00:13:51.700 | If you wanna know what I mean, check out his channel.
00:13:53.860 | So no, in summary, LLMs are not peaking.
00:13:57.460 | But here's another quick example.
00:13:58.660 | Just 48 hours ago, we heard about Google
00:14:00.780 | laying off a thousand workers.
00:14:02.540 | But what about their workers at Google DeepMind?
00:14:04.780 | No, those workers, they are spending hundreds of thousands
00:14:07.660 | to millions of dollars to keep them at Google.
00:14:10.540 | That's because OpenAI has hired at least six
00:14:13.500 | of Google's Gemini contributors since October.

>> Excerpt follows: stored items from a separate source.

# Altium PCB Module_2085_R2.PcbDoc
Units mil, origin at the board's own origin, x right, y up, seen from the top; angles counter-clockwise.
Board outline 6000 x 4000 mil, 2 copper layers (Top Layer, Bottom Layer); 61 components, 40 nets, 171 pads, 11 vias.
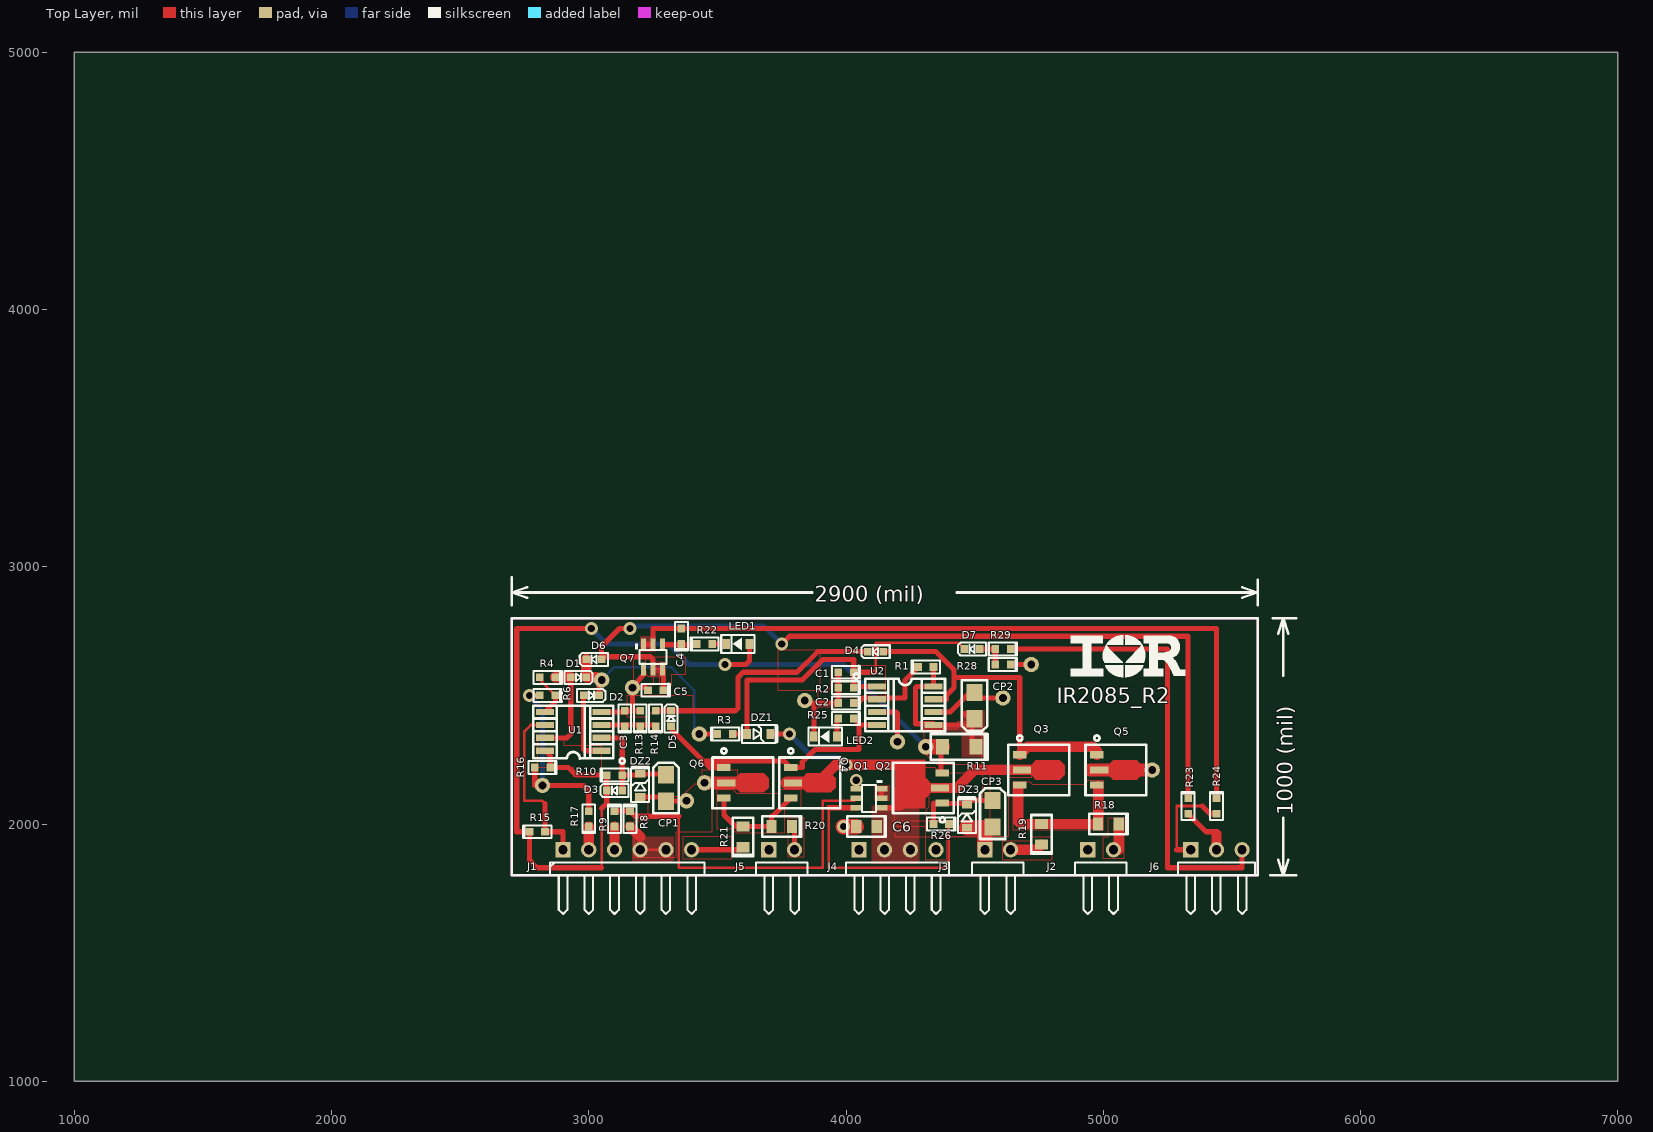
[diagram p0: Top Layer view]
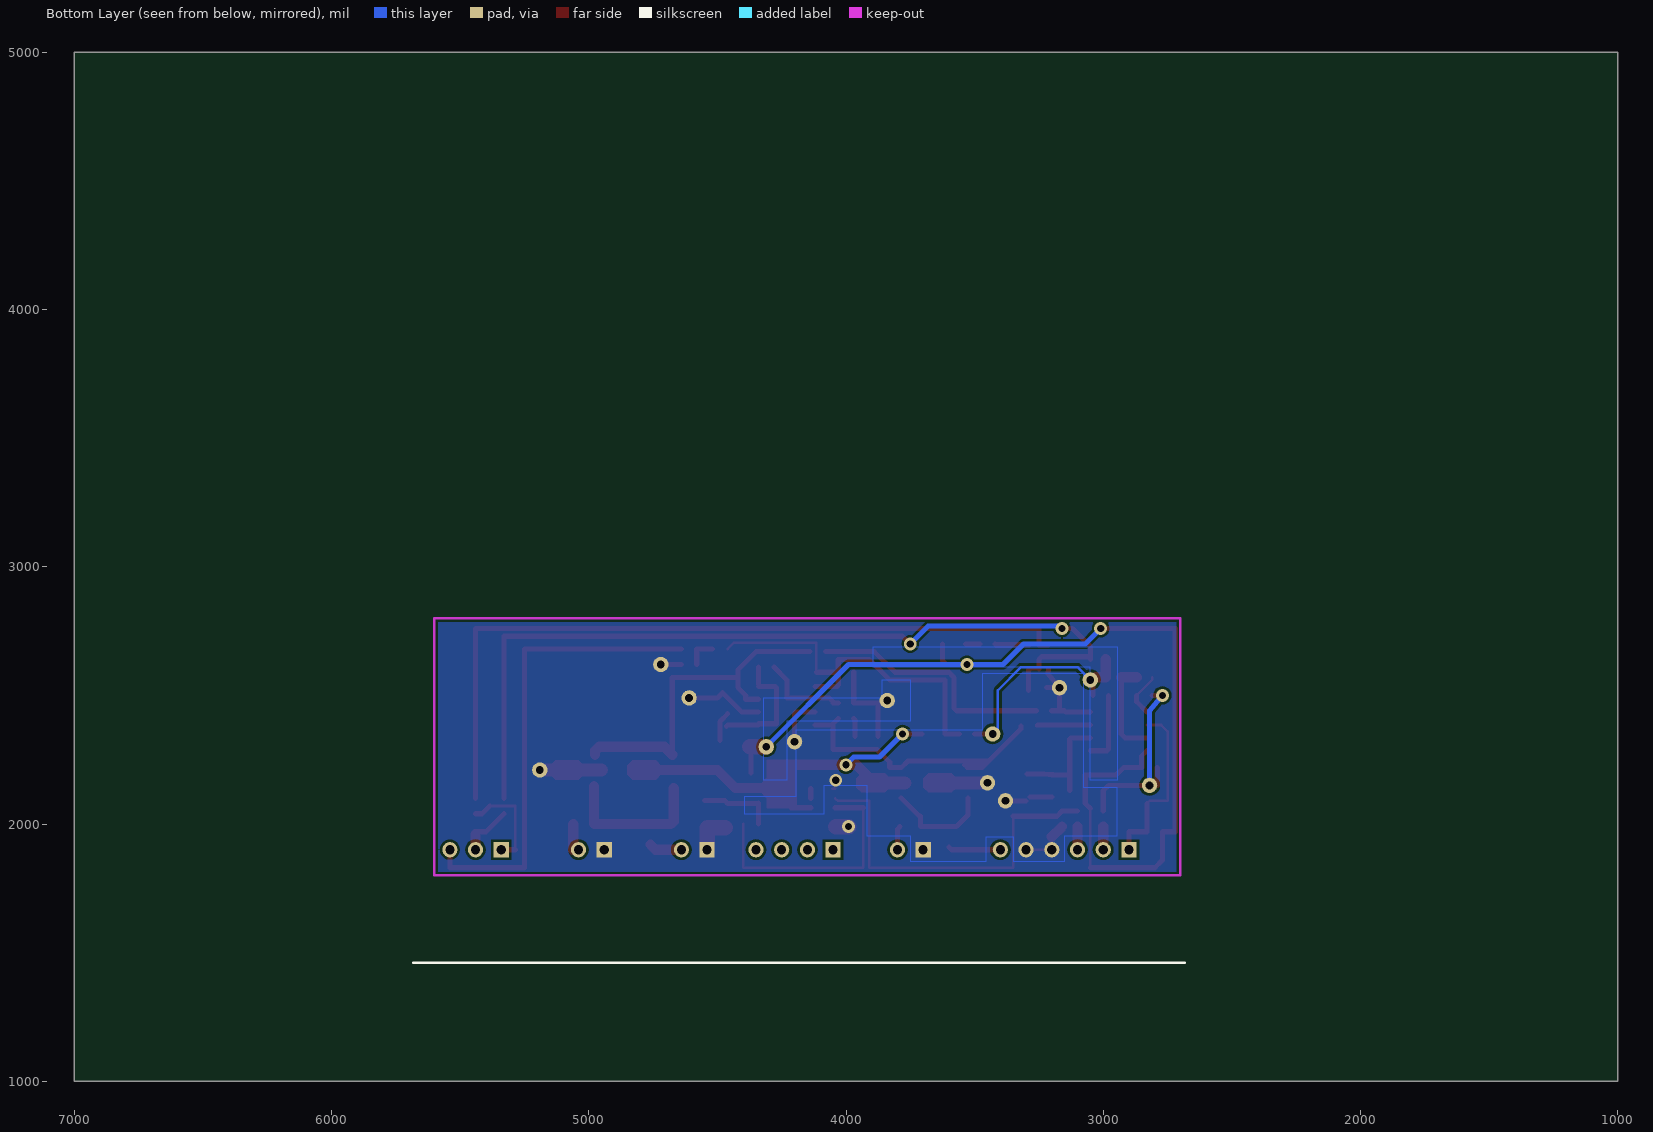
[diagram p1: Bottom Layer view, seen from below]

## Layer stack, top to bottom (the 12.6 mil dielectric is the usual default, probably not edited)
Top Layer: signal copper 1.4
Dielectric: dielectric 12.6, FR-4, Dk 4.8
Bottom Layer: signal copper 1.4

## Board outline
1000,1000 7000,1000 7000,5000 1000,5000

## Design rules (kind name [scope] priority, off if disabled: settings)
Clearance [All] p1: gap=10
ComponentClearance [All] p1: gap=10 collisioncheckmode=3 verticalgap=10
PlaneConnect [All] p1: planeconnectstyle=Direct reliefexpansion=20 reliefentries=4 reliefconductorwidth=10 reliefairgap=10
PolygonConnect [All] p1: connectstyle=Direct reliefconductorwidth=10 reliefentries=4 polygonreliefangle="90 Angle"
RoutingVias [All] p1: holewidth=28 width=40 viastyle="Through Hole" minholewidth=28 minwidth=38 maxholewidth=28 maxwidth=50
SolderMaskExpansion [All] p1: expansion=4
TestPointUsage [All] p1: valid=0 allowmultiple=FALSE
Testpoint [All] p1: side=15 testpointundercomponent=TRUE minsize=40 maxsize=100 preferedsize=60 minholesize=0 maxholesize=40 preferedholesize=32 testpointgrid=1 style=1023 order=0-112345678
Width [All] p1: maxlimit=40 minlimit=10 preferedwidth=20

00:14:16.340 | Indeed, money-wise, I would say things are heating up
00:14:19.260 | rather than slowing down.
00:14:20.700 | I imagine Samsung have signed a multi-billion dollar contract
00:14:24.180 | to get access to Google Gemini models in their smartphones.
00:14:27.900 | And apparently, Samsung will be among the first partners
00:14:30.480 | to test Gemini Ultra.
00:14:32.100 | So no, Alpha Geometry and Alpha Codium
00:14:34.980 | are definitely not AGI, but neither is the race to AGI
00:14:39.820 | slowing down anytime soon.
00:14:41.820 | Thank you so much for watching and have a wonderful day.